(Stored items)
================

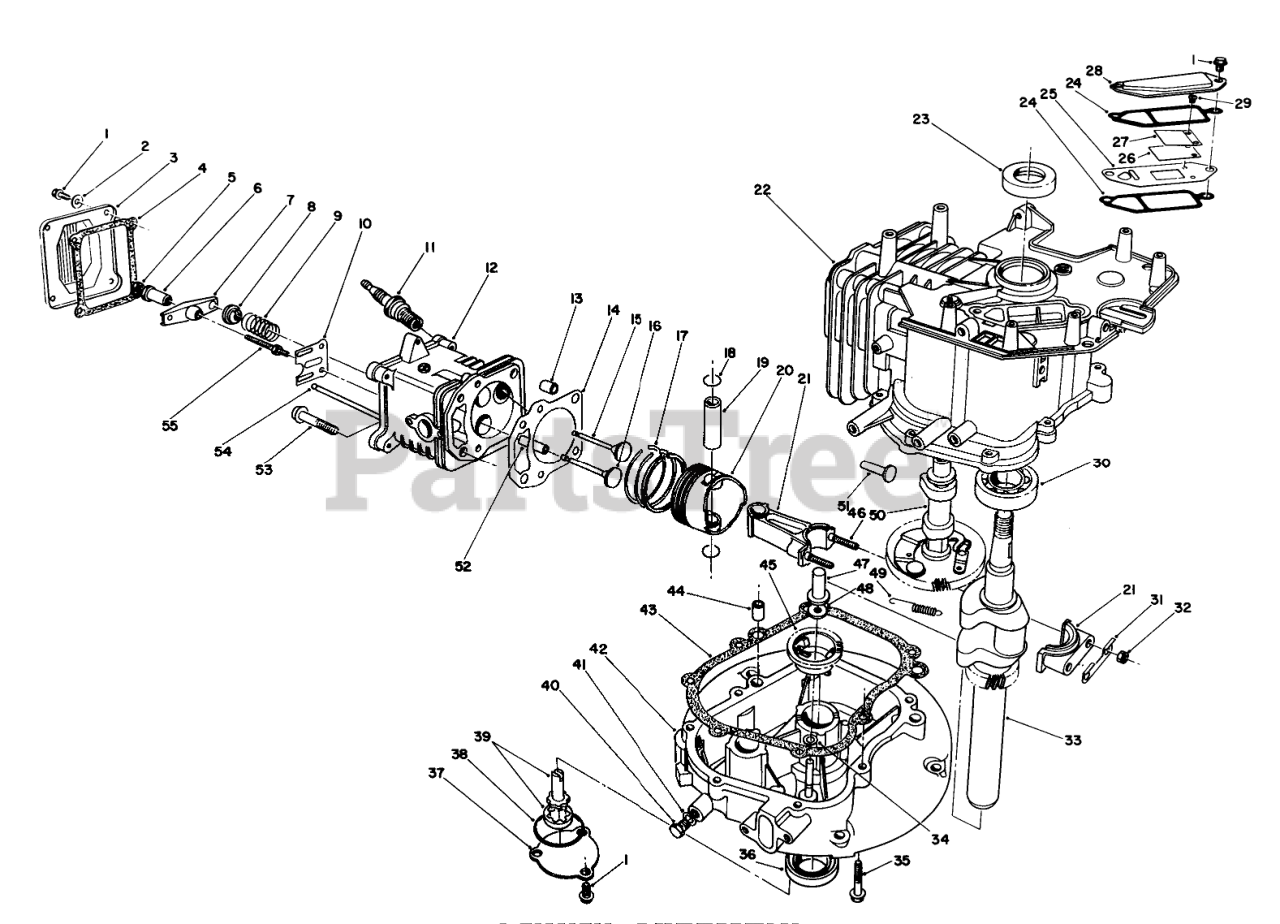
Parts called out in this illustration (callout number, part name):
2	WASHER
3	COVER
4	GASKET
6	PIVOT
8	RETAINER
9	SPRING
10	GUIDE
11	SPARK PLUG
12	Head-Cylinder (Incl. Ref. #52)
14	GASKET
15	VALVE-INTAKE
16	VALVE-EXHAUST
17	RING SET
18	CIRCLIP
20	PISTON
21	Connection Rod Assembly (Incl. Ref. #31, 32 & 46)
22	Block-Engine (Incl. Ref. #23, & 30)
24	GASKET
25	Plate-Breather
26	Valve-Reed
27	Retainer-Reed Valve
28	COVER
29	Screw-Reed Valve
30	BEARING
31	Plate-Lock
33	CRANKSHAFT
34	WASHER
37	COVER
38	O-RING
39	OIL PUMP
40	OIL DRAIN PLUG
41	GASKET
42	Crankcase
43	GASKET
45	GOVERNOR FLYWEIGHT ASM
47	PLUNGER
48	WASHER
49	SPRING
50	Camshaft Assy. (Incl. Ref. #49)
51	TAPPET
52	GUIDE
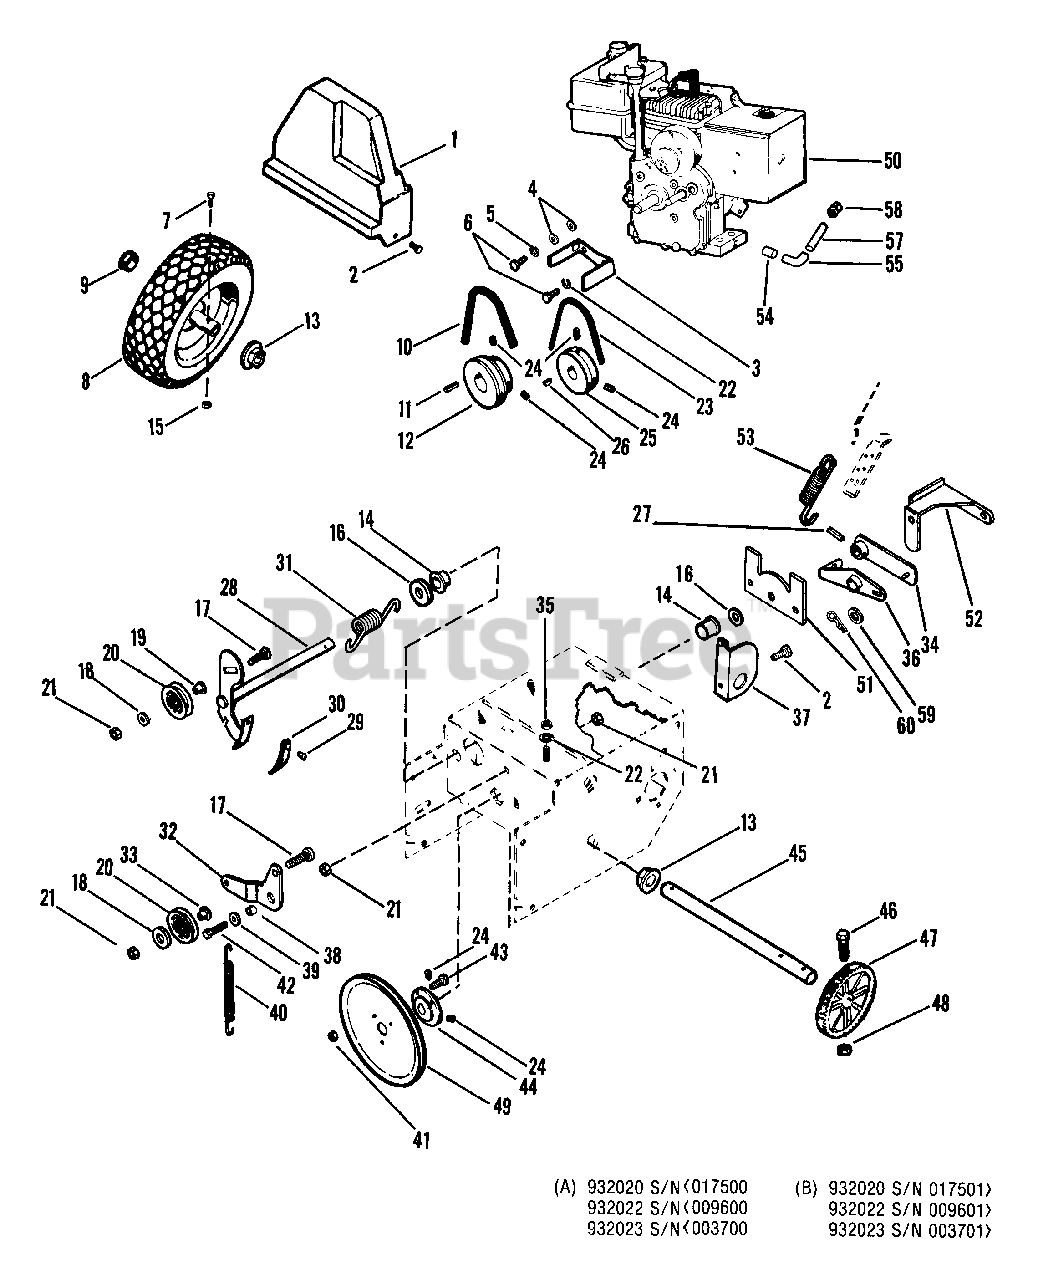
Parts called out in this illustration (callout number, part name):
1	BELT COVER
2	SCR-TAP .250-20X.37 HWH PL TR
3	BELT FINGER
4	WSHR-FL-STL .380X.875X.179 PL
5	WSHR-LK .313X.093 MED HICLR
6	BLT-HEX .31-24X.75 PL GR5
7	BLT-HEX .25-20X1.75 GR2
8	WHL
8	TUBE
8	TIRE 4.1/3.50X4
8	TIRE 4.10-4 NHS
8	T/WHL ASSY
8	WHL-COMP
8	T/WHL ASSY 4.10-4
8	RIM/HUB ASSY 4.10/3.50X6
8	TIRE
8	WHL-COMP 3.5 X 6
9	HOLE PLUG
10	V-BELT, 4L-COGGED
10	V-BELT, 4L-RAW EDGE
11	KEY-SQ .188X1.0X.188 SAE 8630
12	ENGINE SHEAVE
12	SHEAVE-ENGINE
13	BSHG-FLG .750X.873X.640X.900HX
14	BSHG-FLG.500X.625X.312X.750NY
15	NUT-LK TOP .250-20 PL
16	WSHR-FL-STL .531X1.062X.095 PL
17	BLT-RDHDSQNK .31-18X1.38SHT PL
18	WSHR-FL-STL .38X.875X.083 PL
19	SPCR, BRG .315X.50X.688X.281
20	IDLER
21	NUT-LK .312-18 GR A PL
22	WSHR-LK .312X.097 PL HVY
23	V-BELT, 3L-COGGED
24	SCR-SET .32-18X.38 SKHCUPNL OH
25	SHEAVE CAMSHAFT
25	SHEAVE-CAMSHAFT
26	KEY-WDRF .125X.625X.250 SAE5
27	PIN-ROLL .156X.88
28	BRAKE CLUTCH ARM W/LINING
29	RVT-TBLR .187X.437 RH ST PL
30	BRAKE LINING
31	SG-TORS .148X1.0X1.53
32	IDLER ARM
33	BSHG, FLG .325X.499X.26X.88
34	LEVER CLUTCH
34	LEVER WELDMENT
35	NUT-HEX .312-18
36	LEVER
36	SPRING LEVER WELDMENT
37	CLUTCH BRACKET GUARD
38	SPACER BUSHING .5 X .32 X .163
39	WSHR-FL-STL .344X1.375X.075 PL
40	SG-TENS .047X.44X3.37 WLD 1.47
41	NUT-FLG. .312-18 PL
42	BLT-HEX .31-18X.63 PL GR 2
43	BLT-SERRDHD SL .31-18X.75 YZ
45	AXLE SHAFT
46	BLT-HEX .25-20X1.75 GR 8
48	NUT-LK TOP .250-20 PL
49	PLY-V 8.0 X 1.25 3BLT SALEM
50	2.7 HP LAUSON ENGINE
50	3.5 HP LAUSON ENGINE
50	5.0 HP LAUSON ENGINE
50	3.5 HP LAUSON ENGINE W/PTO
50	5.0 HP LAUSON ENGINE W/PTO
50	3.5HP TEC ENGINE
50	5.0HP TEC ENGINE
50	ENGINE-HSSK 50 TEC W/PTO
50	ENGINE-4 HP TEC W/PTO
50	ENGINE-HSSK 40 TEC
50	ENGINE-7 HP TEC W/PTO
51	COVER
52	BELLCRANK
53	SG-TENS .135X.69X5.75 WLD 150
54	NIPPLE
55	STREET ELBOW
55	ELBOW 90 1/4-18 NPTF
57	NIPPLE
58	HEX CAP
59	WSHR-FL-STL .268X.562X.046 PL
60	PIN-HAIR INT .08X.18X1.18

================

The problem: Print the data once more without any change, skipping each picture.

Written response:
Parts called out in this illustration (callout number, part name):
2	WASHER
3	COVER
4	GASKET
6	PIVOT
8	RETAINER
9	SPRING
10	GUIDE
11	SPARK PLUG
12	Head-Cylinder (Incl. Ref. #52)
14	GASKET
15	VALVE-INTAKE
16	VALVE-EXHAUST
17	RING SET
18	CIRCLIP
20	PISTON
21	Connection Rod Assembly (Incl. Ref. #31, 32 & 46)
22	Block-Engine (Incl. Ref. #23, & 30)
24	GASKET
25	Plate-Breather
26	Valve-Reed
27	Retainer-Reed Valve
28	COVER
29	Screw-Reed Valve
30	BEARING
31	Plate-Lock
33	CRANKSHAFT
34	WASHER
37	COVER
38	O-RING
39	OIL PUMP
40	OIL DRAIN PLUG
41	GASKET
42	Crankcase
43	GASKET
45	GOVERNOR FLYWEIGHT ASM
47	PLUNGER
48	WASHER
49	SPRING
50	Camshaft Assy. (Incl. Ref. #49)
51	TAPPET
52	GUIDE
Parts called out in this illustration (callout number, part name):
1	BELT COVER
2	SCR-TAP .250-20X.37 HWH PL TR
3	BELT FINGER
4	WSHR-FL-STL .380X.875X.179 PL
5	WSHR-LK .313X.093 MED HICLR
6	BLT-HEX .31-24X.75 PL GR5
7	BLT-HEX .25-20X1.75 GR2
8	WHL
8	TUBE
8	TIRE 4.1/3.50X4
8	TIRE 4.10-4 NHS
8	T/WHL ASSY
8	WHL-COMP
8	T/WHL ASSY 4.10-4
8	RIM/HUB ASSY 4.10/3.50X6
8	TIRE
8	WHL-COMP 3.5 X 6
9	HOLE PLUG
10	V-BELT, 4L-COGGED
10	V-BELT, 4L-RAW EDGE
11	KEY-SQ .188X1.0X.188 SAE 8630
12	ENGINE SHEAVE
12	SHEAVE-ENGINE
13	BSHG-FLG .750X.873X.640X.900HX
14	BSHG-FLG.500X.625X.312X.750NY
15	NUT-LK TOP .250-20 PL
16	WSHR-FL-STL .531X1.062X.095 PL
17	BLT-RDHDSQNK .31-18X1.38SHT PL
18	WSHR-FL-STL .38X.875X.083 PL
19	SPCR, BRG .315X.50X.688X.281
20	IDLER
21	NUT-LK .312-18 GR A PL
22	WSHR-LK .312X.097 PL HVY
23	V-BELT, 3L-COGGED
24	SCR-SET .32-18X.38 SKHCUPNL OH
25	SHEAVE CAMSHAFT
25	SHEAVE-CAMSHAFT
26	KEY-WDRF .125X.625X.250 SAE5
27	PIN-ROLL .156X.88
28	BRAKE CLUTCH ARM W/LINING
29	RVT-TBLR .187X.437 RH ST PL
30	BRAKE LINING
31	SG-TORS .148X1.0X1.53
32	IDLER ARM
33	BSHG, FLG .325X.499X.26X.88
34	LEVER CLUTCH
34	LEVER WELDMENT
35	NUT-HEX .312-18
36	LEVER
36	SPRING LEVER WELDMENT
37	CLUTCH BRACKET GUARD
38	SPACER BUSHING .5 X .32 X .163
39	WSHR-FL-STL .344X1.375X.075 PL
40	SG-TENS .047X.44X3.37 WLD 1.47
41	NUT-FLG. .312-18 PL
42	BLT-HEX .31-18X.63 PL GR 2
43	BLT-SERRDHD SL .31-18X.75 YZ
45	AXLE SHAFT
46	BLT-HEX .25-20X1.75 GR 8
48	NUT-LK TOP .250-20 PL
49	PLY-V 8.0 X 1.25 3BLT SALEM
50	2.7 HP LAUSON ENGINE
50	3.5 HP LAUSON ENGINE
50	5.0 HP LAUSON ENGINE
50	3.5 HP LAUSON ENGINE W/PTO
50	5.0 HP LAUSON ENGINE W/PTO
50	3.5HP TEC ENGINE
50	5.0HP TEC ENGINE
50	ENGINE-HSSK 50 TEC W/PTO
50	ENGINE-4 HP TEC W/PTO
50	ENGINE-HSSK 40 TEC
50	ENGINE-7 HP TEC W/PTO
51	COVER
52	BELLCRANK
53	SG-TENS .135X.69X5.75 WLD 150
54	NIPPLE
55	STREET ELBOW
55	ELBOW 90 1/4-18 NPTF
57	NIPPLE
58	HEX CAP
59	WSHR-FL-STL .268X.562X.046 PL
60	PIN-HAIR INT .08X.18X1.18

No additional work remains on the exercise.